No "one size fits all" approach
There is no "one size fits all" approach to internal investigations and the use of special committees in their conduct. The proper approach, including threshold decision concerning whether an independent investigator is even necessary, will depend on the particular facts and circumstances and applicable corporate law. As a general rule, where the misconduct is more pervasive than not, involves senior management and could impact the company's financial performance or stock price, an independent investigator is warranted.
While the investigation by the special committee can significantly further the interests of the corporation and its shareholders, the benefits of the investigation are only as good as the investigation itself. As a general rule, a special committee and its decisions will be legally respected only if: (i) the committee is made up of two or more directors whose competence and independence are beyond reproach; (ii) the committee inquiry is reasonable based on the nature of the issues raised; and (iii) the committee at all times acts in good faith with an undivided loyalty to the interest of the corporation and its shareholders.
The recurring issues in structuring and implementing a special committee of the board for purposes of conducting an internal investigation include:
Structuring and implementing a special committee
* Proper Formation ot the Special Committee. A special committee and its findings are only as good as its credibility, and a special committee's credibility will be determined by the experience and independence of its members. When selecting the committee members, include directors that have knowledge of and experience in the subject area. As to independence, a director's actual independence is not enough. The director must be free of any appearance of a lack of independence as well.
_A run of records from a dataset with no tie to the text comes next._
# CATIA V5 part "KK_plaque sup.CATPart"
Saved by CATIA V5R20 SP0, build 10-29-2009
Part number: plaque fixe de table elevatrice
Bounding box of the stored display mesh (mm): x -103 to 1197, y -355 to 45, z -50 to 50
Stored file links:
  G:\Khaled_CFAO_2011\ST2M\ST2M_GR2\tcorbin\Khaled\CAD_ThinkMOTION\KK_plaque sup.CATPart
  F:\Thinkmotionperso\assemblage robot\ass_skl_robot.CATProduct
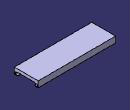
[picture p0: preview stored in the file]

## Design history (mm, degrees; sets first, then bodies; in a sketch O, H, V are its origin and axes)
External parameters (linked from other documents)
  `External.largeur table` = 400 mm
Set1
  Extract1: ExtractElem edge [face of Pad2 from Sketch2.L6 | face of Pad2 from Sketch2.L5]
  Extract2: ExtractElem edge [face of Pad2 from Sketch2.L13 | face of Pad2 from Sketch2.L12]
  Extract3: ExtractElem face of DatumSurface1
  DatumSurface1
  Extract4: ExtractElem face of DatumSurface2
  DatumSurface2
  Fill1: Boundary edge of DatumSurface1
  Healing1: BodyToHeal (Fill1; Extract3), TangencyAngle 0.5, SharpnessAngle 0.5
  Fill2: Boundary edge of DatumSurface2
  Healing2: BodyToHeal (Fill2; Extract4), TangencyAngle 0.5, SharpnessAngle 0.5
Body1 (main body)
  Sketch1 on xy-plane, origin (0, 0, 0), H (1, 0, 0), V (0, 1, 0)
    line L1 (-103, 45) -> (1197, 45)
    line L2 (1197, 45) -> (1197, -355)
    line L3 (1197, -355) -> (-103, -355)
    line L4 (-103, -355) -> (-103, 45)
    length L1 = 1300
    length L4 = 400 {= `External.largeur table`}
    horizontal: L1 H, L3 H
    vertical: L2 V, L4 V
  Pad1: profile Sketch1, direction (0, 0, 1), length 50
  Sketch2 on face of Pad1 from Sketch1.L2, origin (1197, 0, 0), H (0, 1, 0), V (0, 0, 1)
    point P1 (-15, 0)
    line L1 (-15, 0) -> (45, 0)
    line L2 (45, 0) -> (45, -50)
    line L3 (45, -50) -> (-15, -50)
    line L4 (-15, -50) -> (-15, -40)
    line L5 (-15, -40) -> (30, -40)
    line L6 (30, -40) -> (30, -10)
    line L7 (30, -10) -> (-15, -10)
    point P8 (-15, -10)
    line L8 (-15, -10) -> (-15, 0)
    point P9 (-355, 0)
    line L9 (-355, 0) -> (-295, 0)
    line L10 (-295, 0) -> (-295, -10)
    line L11 (-295, -10) -> (-340, -10)
    line L12 (-340, -10) -> (-340, -40)
    line L13 (-340, -40) -> (-295, -40)
    line L14 (-295, -40) -> (-295, -50)
    line L15 (-295, -50) -> (-355, -50)
    line L16 (-355, -50) -> (-355, 0)
    reference projected point E1 (-355, 0) from vertex [face of Pad1 from Sketch1.L2 | start face of Pad1 | face of Pad1 from Sketch1.L3]
    length L6 = 30
    length L2 = 50
    length L4 = 10
    length L16 = 50
    length L12 = 30
    length L14 = 10
    length L3 = 60
    length L15 = 60
    length L7 = 45
    length L11 = 45
    length L9 = 60
    coincidence: P1 H, P8 L4, P9 H, P9 E1
    horizontal: L1 H, L3 H, L5 H, L7 H, L9 H, L11 H, L13 H, L15 H
    vertical: L2 V, L4 V, L6 V, L8 V, L10 V, L12 V, L14 V
    perpendicularity: L16 L9
  Pad2: profile Sketch2, direction (-1, 0, 0), length 1300

* Clear Articulation of the Committee's Mandate. All board committees derive their authority from the board of directors and the resolutions of the board establishing the committee. Those resolutions should clearly set forth the committee's authority and any restrictions on the scope of its authority. The resolutions should specify the subject matter of the committee's investigation and whether it has authority to implement corrective action, including disclosure of any wrongdoing to government agencies, without full board approval. The resolutions should expressly provide for the committee's authority to hire and compensate legal and other advisors as the committee sees fit. Once the committee has been formed and has engaged its own counsel, the committee's first action should be to review its mandate from the board and confirm that its mandate is clear and proper, and that it has the authority and powers necessary to carry out that mandate.
* Assumption of Responsibilities. Boards of directors can easily become passive and reactive. Typically their meetings, agenda and discussions are led and shaped by the chief executive officer. Even the audit and other traditional independent committees have certain routines that can lead to a rote sense of activity. In order to be seen as a legitimate body and to have its findings and decisions respected, a special committee formed to conduct an internal investigation must be seen as proactive, thorough and at all times acting in the best interests of the company and its shareholders. While the committee is likely to engage and rely on counsel and other advisors, the committee must be seen as actively involved in all facets of the process.